Oh I see, however don’t running a sub-program that only takes a directory with run_step.addDirectoryArg() mean that the command will get called every time the directory changes, and thus it would rebuild all my assets instead of only the one that have actually changed ?

yup, as long as you make sure to use the file arg input/output functions you should be fine. Not sure why they are complaining about std.process I explicitly stated to use the build systems system command utilities.
the only reason i said to use std.fs is because the build system doesnt provide a way that is as fine grained, as you said it would be annoying if you rebuilt every asset when only one changed

Unfortunately, this is where you have to make a choice between explicitly specifying each file individually, which is fast and only rebuilds what is needed but may result in added files not being detected and removed files causing errors, or watching an entire directory tree, which should properly handle added/removed files but will rebuild everything even if just a single file in that directory tree changes (which will also quickly bloat the cache).

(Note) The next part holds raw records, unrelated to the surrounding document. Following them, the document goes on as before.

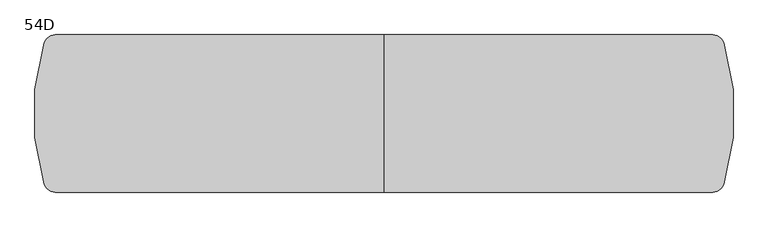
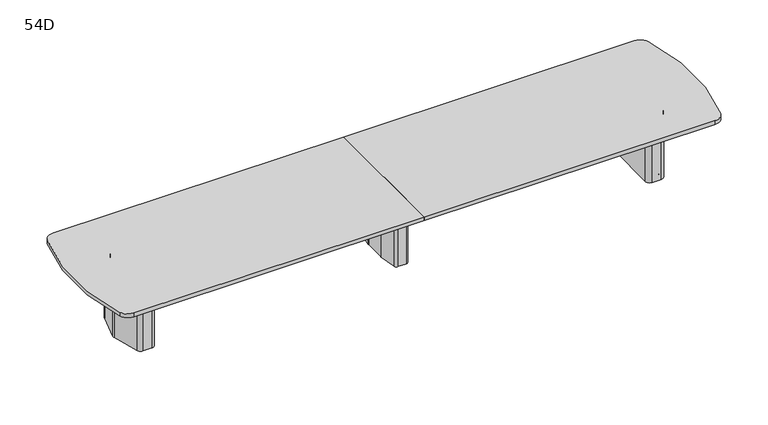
"""IFC4 building model written with IfcOpenShell, lengths in millimetres: furniture geometry, Coalesse_AM_Table_Conference_ETable2_SoftRadiused_20ft_ThreeBase : 54D."""

from ifc_helpers import new_model, si_unit, point, frame, frame_2d, origin, place, context, project, spatial, polyline, circle_curve, trimmed, segment, composite_curve, outline, extrude, source, transform, mapped, element, save
from ifc_brep_helpers import plane_surface, cylinder_surface, revolved_surface, advanced_brep


def furniture_54d_1fc843b9(model_context):
    return source(origin(), model_context, "Body", "SolidModel", [
        advanced_brep(
        [(35.71875, 206.375, 3.175), (10.31875, 231.775, 3.175), (-10.31875, 231.775, 3.175), (-35.71875, 206.375, 3.175), (-35.71875, -206.375, 3.175), (-10.31875, -231.775, 3.175), (10.31875, -231.775, 3.175), (35.71875, -206.375, 3.175), (-61.11875, 206.375, 0.0), (-10.31875, 257.175, 0.0), (10.31875, 257.175, 0.0), (61.11875, 206.375, 0.0), (61.11875, -206.375, 0.0), (10.31875, -257.175, 0.0), (-10.31875, -257.175, 0.0), (-61.11875, -206.375, 0.0), (-61.11875, -206.375, 3.175), (-61.11875, 206.375, 3.175), (-10.31875, -257.175, 3.175), (10.31875, -257.175, 3.175), (61.11875, -206.375, 3.175), (61.11875, 206.375, 3.175), (10.31875, 257.175, 3.175), (-10.31875, 257.175, 3.175), (-92.6215974, 106.2976848, 698.5), (-92.86875, 102.7629613, 698.5), (-92.86875, -102.7629613, 698.5), (-92.6215974, -106.2976848, 698.5), (-67.7988375, -282.9347235, 698.5), (-42.6459902, -304.8, 698.5), (42.6459902, -304.8, 698.5), (67.7988375, -282.9347235, 698.5), (92.6215974, -106.2976848, 698.5), (92.86875, -102.7629613, 698.5), (92.86875, 102.7629613, 698.5), (92.6215974, 106.2976848, 698.5), (67.7988375, 282.9347235, 698.5), (42.6459902, 304.8, 698.5), (-42.6459902, 304.8, 698.5), (-67.7988375, 282.9347235, 698.5), (10.31875, 231.775, 698.5), (35.71875, 206.375, 698.5), (35.71875, -206.375, 698.5), (10.31875, -231.775, 698.5), (-10.31875, -231.775, 698.5), (-35.71875, -206.375, 698.5), (-35.71875, 206.375, 698.5), (-10.31875, 231.775, 698.5), (-92.6215974, 106.2976848, 3.175), (-67.7988375, 282.9347235, 3.175), (-42.6459902, 304.8, 3.175), (42.6459902, 304.8, 3.175), (67.7988375, 282.9347235, 3.175), (92.6215974, 106.2976848, 3.175), (92.86875, 102.7629613, 3.175), (92.86875, -102.7629613, 3.175), (92.6215974, -106.2976848, 3.175), (67.7988375, -282.9347235, 3.175), (42.6459902, -304.8, 3.175), (-42.6459902, -304.8, 3.175), (-67.7988375, -282.9347235, 3.175), (-92.6215974, -106.2976848, 3.175), (-92.86875, -102.7629613, 3.175), (-92.86875, 102.7629613, 3.175)],
        [
            (0, 1, circle_curve(frame((10.31875, 206.375, 3.175), z_axis=(0.0, 0.0, 1.0), x_axis=(1.0, 0.0, 0.0)), 25.4)),
            (1, 2),
            (2, 3, circle_curve(frame((-10.31875, 206.375, 3.175), z_axis=(0.0, 0.0, 1.0), x_axis=(1.0, 0.0, 0.0)), 25.4)),
            (3, 4),
            (4, 5, circle_curve(frame((-10.31875, -206.375, 3.175), z_axis=(0.0, 0.0, 1.0), x_axis=(1.0, 0.0, 0.0)), 25.4)),
            (5, 6),
            (6, 7, circle_curve(frame((10.31875, -206.375, 3.175), z_axis=(0.0, 0.0, 1.0), x_axis=(1.0, 0.0, 0.0)), 25.4)),
            (7, 0),
            (8, 9, circle_curve(frame((-10.31875, 206.375, 0.0), z_axis=(0.0, 0.0, -1.0), x_axis=(1.0, 0.0, 0.0)), 50.8)),
            (9, 10),
            (10, 11, circle_curve(frame((10.31875, 206.375, 0.0), z_axis=(0.0, 0.0, -1.0), x_axis=(1.0, 0.0, 0.0)), 50.8)),
            (11, 12),
            (12, 13, circle_curve(frame((10.31875, -206.375, 0.0), z_axis=(0.0, 0.0, -1.0), x_axis=(1.0, 0.0, 0.0)), 50.8)),
            (13, 14),
            (14, 15, circle_curve(frame((-10.31875, -206.375, 0.0), z_axis=(0.0, 0.0, -1.0), x_axis=(1.0, 0.0, 0.0)), 50.8)),
            (15, 8),
            (15, 16),
            (16, 17),
            (17, 8),
            (14, 18),
            (18, 16, circle_curve(frame((-10.31875, -206.375, 3.175), z_axis=(0.0, 0.0, -1.0), x_axis=(1.0, 0.0, 0.0)), 50.8)),
            (13, 19),
            (19, 18),
            (12, 20),
            (20, 19, circle_curve(frame((10.31875, -206.375, 3.175), z_axis=(0.0, 0.0, -1.0), x_axis=(1.0, 0.0, 0.0)), 50.8)),
            (11, 21),
            (21, 20),
            (10, 22),
            (22, 21, circle_curve(frame((10.31875, 206.375, 3.175), z_axis=(0.0, 0.0, -1.0), x_axis=(1.0, 0.0, 0.0)), 50.8)),
            (9, 23),
            (23, 22),
            (17, 23, circle_curve(frame((-10.31875, 206.375, 3.175), z_axis=(0.0, 0.0, -1.0), x_axis=(1.0, 0.0, 0.0)), 50.8)),
            (24, 25, circle_curve(frame((-67.46875, 102.7629613, 698.5), z_axis=(0.0, 0.0, 1.0), x_axis=(1.0, 0.0, 0.0)), 25.4)),
            (25, 26),
            (26, 27, circle_curve(frame((-67.46875, -102.7629613, 698.5), z_axis=(0.0, 0.0, 1.0), x_axis=(1.0, 0.0, 0.0)), 25.4)),
            (27, 28),
            (28, 29, circle_curve(frame((-42.6459902, -279.4, 698.5), z_axis=(0.0, 0.0, 1.0), x_axis=(1.0, 0.0, 0.0)), 25.4)),
            (29, 30),
            (30, 31, circle_curve(frame((42.6459902, -279.4, 698.5), z_axis=(0.0, 0.0, 1.0), x_axis=(1.0, 0.0, 0.0)), 25.4)),
            (31, 32),
            (32, 33, circle_curve(frame((67.46875, -102.7629613, 698.5), z_axis=(0.0, 0.0, 1.0), x_axis=(1.0, 0.0, 0.0)), 25.4)),
            (33, 34),
            (34, 35, circle_curve(frame((67.46875, 102.7629613, 698.5), z_axis=(0.0, 0.0, 1.0), x_axis=(1.0, 0.0, 0.0)), 25.4)),
            (35, 36),
            (36, 37, circle_curve(frame((42.6459902, 279.4, 698.5), z_axis=(0.0, 0.0, 1.0), x_axis=(1.0, 0.0, 0.0)), 25.4)),
            (37, 38),
            (38, 39, circle_curve(frame((-42.6459902, 279.4, 698.5), z_axis=(0.0, 0.0, 1.0), x_axis=(1.0, 0.0, 0.0)), 25.4)),
            (39, 24),
            (40, 41, circle_curve(frame((10.31875, 206.375, 698.5), z_axis=(0.0, 0.0, -1.0), x_axis=(1.0, 0.0, 0.0)), 25.4)),
            (41, 42),
            (42, 43, circle_curve(frame((10.31875, -206.375, 698.5), z_axis=(0.0, 0.0, -1.0), x_axis=(1.0, 0.0, 0.0)), 25.4)),
            (43, 44),
            (44, 45, circle_curve(frame((-10.31875, -206.375, 698.5), z_axis=(0.0, 0.0, -1.0), x_axis=(1.0, 0.0, 0.0)), 25.4)),
            (45, 46),
            (46, 47, circle_curve(frame((-10.31875, 206.375, 698.5), z_axis=(0.0, 0.0, -1.0), x_axis=(1.0, 0.0, 0.0)), 25.4)),
            (47, 40),
            (48, 49),
            (49, 50, circle_curve(frame((-42.6459902, 279.4, 3.175), z_axis=(0.0, 0.0, -1.0), x_axis=(1.0, 0.0, 0.0)), 25.4)),
            (50, 51),
            (51, 52, circle_curve(frame((42.6459902, 279.4, 3.175), z_axis=(0.0, 0.0, -1.0), x_axis=(1.0, 0.0, 0.0)), 25.4)),
            (52, 53),
            (53, 54, circle_curve(frame((67.46875, 102.7629613, 3.175), z_axis=(0.0, 0.0, -1.0), x_axis=(1.0, 0.0, 0.0)), 25.4)),
            (54, 55),
            (55, 56, circle_curve(frame((67.46875, -102.7629613, 3.175), z_axis=(0.0, 0.0, -1.0), x_axis=(1.0, 0.0, 0.0)), 25.4)),
            (56, 57),
            (57, 58, circle_curve(frame((42.6459902, -279.4, 3.175), z_axis=(0.0, 0.0, -1.0), x_axis=(1.0, 0.0, 0.0)), 25.4)),
            (58, 59),
            (59, 60, circle_curve(frame((-42.6459902, -279.4, 3.175), z_axis=(0.0, 0.0, -1.0), x_axis=(1.0, 0.0, 0.0)), 25.4)),
            (60, 61),
            (61, 62, circle_curve(frame((-67.46875, -102.7629613, 3.175), z_axis=(0.0, 0.0, -1.0), x_axis=(1.0, 0.0, 0.0)), 25.4)),
            (62, 63),
            (63, 48, circle_curve(frame((-67.46875, 102.7629613, 3.175), z_axis=(0.0, 0.0, -1.0), x_axis=(1.0, 0.0, 0.0)), 25.4)),
            (24, 48),
            (63, 25),
            (62, 26),
            (61, 27),
            (60, 28),
            (59, 29),
            (58, 30),
            (57, 31),
            (56, 32),
            (55, 33),
            (54, 34),
            (53, 35),
            (52, 36),
            (51, 37),
            (50, 38),
            (49, 39),
            (40, 1),
            (0, 41),
            (7, 42),
            (6, 43),
            (5, 44),
            (4, 45),
            (3, 46),
            (2, 47),
        ],
        [
            plane_surface(frame((-61.11875, -206.375, 3.175), z_axis=(0.0, 0.0, 1.0), x_axis=(0.0, -1.0, 0.0))),
            plane_surface(frame((-61.11875, -206.375, 0.0), z_axis=(0.0, 0.0, -1.0), x_axis=(0.0, 1.0, 0.0))),
            plane_surface(frame((-61.11875, 206.375, 3.175), z_axis=(-1.0, 0.0, 0.0), x_axis=(0.0, 0.0, -1.0))),
            cylinder_surface(frame((-10.31875, -206.375, 0.0), z_axis=(0.0, 0.0, 1.0), x_axis=(1.0, 0.0, 0.0)), 50.8),
            plane_surface(frame((-10.31875, -257.175, 3.175), z_axis=(0.0, -1.0, 0.0), x_axis=(0.0, 0.0, -1.0))),
            cylinder_surface(frame((10.31875, -206.375, 0.0), z_axis=(0.0, 0.0, 1.0), x_axis=(1.0, 0.0, 0.0)), 50.8),
            plane_surface(frame((61.11875, -206.375, 3.175), z_axis=(1.0, 0.0, 0.0), x_axis=(0.0, 0.0, -1.0))),
            cylinder_surface(frame((10.31875, 206.375, 0.0), z_axis=(0.0, 0.0, 1.0), x_axis=(1.0, 0.0, 0.0)), 50.8),
            plane_surface(frame((10.31875, 257.175, 3.175), z_axis=(0.0, 1.0, 0.0), x_axis=(0.0, 0.0, -1.0))),
            cylinder_surface(frame((-10.31875, 206.375, 0.0), z_axis=(0.0, 0.0, 1.0), x_axis=(1.0, 0.0, 0.0)), 50.8),
            plane_surface(frame((-42.06875, 102.7629613, 698.5), z_axis=(0.0, 0.0, 1.0), x_axis=(0.0, 1.0, 0.0))),
            plane_surface(frame((-42.06875, 102.7629613, 3.175), z_axis=(0.0, 0.0, -1.0), x_axis=(0.0, -1.0, 0.0))),
            cylinder_surface(frame((-67.46875, 102.7629613, 3.175), z_axis=(0.0, 0.0, 1.0), x_axis=(1.0, 0.0, 0.0)), 25.4),
            plane_surface(frame((-92.86875, 102.7629613, 698.5), z_axis=(-1.0, 0.0, 0.0), x_axis=(0.0, 0.0, -1.0))),
            cylinder_surface(frame((-67.46875, -102.7629613, 3.175), z_axis=(0.0, 0.0, 1.0), x_axis=(1.0, 0.0, 0.0)), 25.4),
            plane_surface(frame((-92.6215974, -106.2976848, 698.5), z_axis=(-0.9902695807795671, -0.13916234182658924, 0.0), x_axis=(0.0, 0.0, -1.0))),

I don’t know if the lack of support for globbing in the build system is an intentional design decision or something that is planned to be solved for in the future, but it should be noted that several prominent modern build systems with a heavy emphasis on performance, for example Meson, don’t support globbing because scanning a directory tree for changes is slow and unreliable.

I don’t know what your workflow is, but if adding or removing assets is a thing that happens infrequently, I would personally probably bite the bullet and list each file individually. It’s the fastest and most cache-friendly option. On 0.14.0-dev, with support for @importing ZON files, you could even have this “asset manifest” in a different file from the build.zig, if having them be separate makes things cleaner and easier to work with.

I used std.process as an example because I’ve seen people do things like running git rev-parse inline for version numbers. The main reason I discourage against using APIs that access the host is because there are plans to run build.zig scripts in a WASM sandbox as well as separate the “configure” and “build” phases into two distinct processes by serializing the build graph, so it’s probably unwise to rely on methods that will almost certainly stop working in the future. Your build.zig should ideally be as “pure” as possible.

The two things are not necessarily mutually exclusive. I think it would make sense to have the build system let you add entries to the list of watched directories.

That said it’s true that this is currently not supported AFAIK.

What if we create a zig program that used the existing cache functionality to create a manifest for one specific directory (I think the manifest is basically an index that also contains a hash of all the hashes?).

Wouldn’t that file then only change if any of the contents of that directory change?

And then a dependent build step could read that manifest file and create an embedding of all the files.

Just a thought, maybe somebody can try it out, or point out why it may not work.


Maybe std.Build.Step.writeManifestAndWatch or std.Build.Cache.Manifest.addListOfFiles could be used? I currently haven’t looked into the implementation enough to fully understand how it works or is meant to be used…

But when I look at manifest in the docs it seems to me as if manifests could be used to solve the multiple files syncronization problem, similar to how it already seems to be used to manage packages? But my understanding is lacking and it would be good to have the perspective of somebody who has worked on the build system internals.